**Action item**
Only the pictures should be left out; repeat the rest of the data exactly.

**Supplied material**
[Start of Attachment]

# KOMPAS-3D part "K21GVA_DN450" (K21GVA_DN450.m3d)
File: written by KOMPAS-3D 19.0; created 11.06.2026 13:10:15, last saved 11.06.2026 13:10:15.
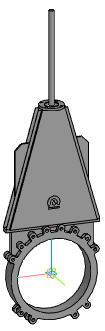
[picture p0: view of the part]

Document properties: Автор: Энергия; Полное имя файла: Z:\3.Личные\kachalov\001_3d для проектировщиков\2.5 Тип_K21GVA. Задвижка\_stp\_stp_K21GVA_DN50-DN1000_с фланцем\K21GVA_DN450.m3d

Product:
- Part/product: K21GVA_DN450

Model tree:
1. Операция без истории:1  (labels: K21GVA_DN450)

[End of Attachment]

**Exercise answer**
# KOMPAS-3D part "K21GVA_DN450" (K21GVA_DN450.m3d)
File: written by KOMPAS-3D 19.0; created 11.06.2026 13:10:15, last saved 11.06.2026 13:10:15.
[picture p0: view of the part]

Document properties: Автор: Энергия; Полное имя файла: Z:\3.Личные\kachalov\001_3d для проектировщиков\2.5 Тип_K21GVA. Задвижка\_stp\_stp_K21GVA_DN50-DN1000_с фланцем\K21GVA_DN450.m3d

Product:
- Part/product: K21GVA_DN450

Model tree:
1. Операция без истории:1  (labels: K21GVA_DN450)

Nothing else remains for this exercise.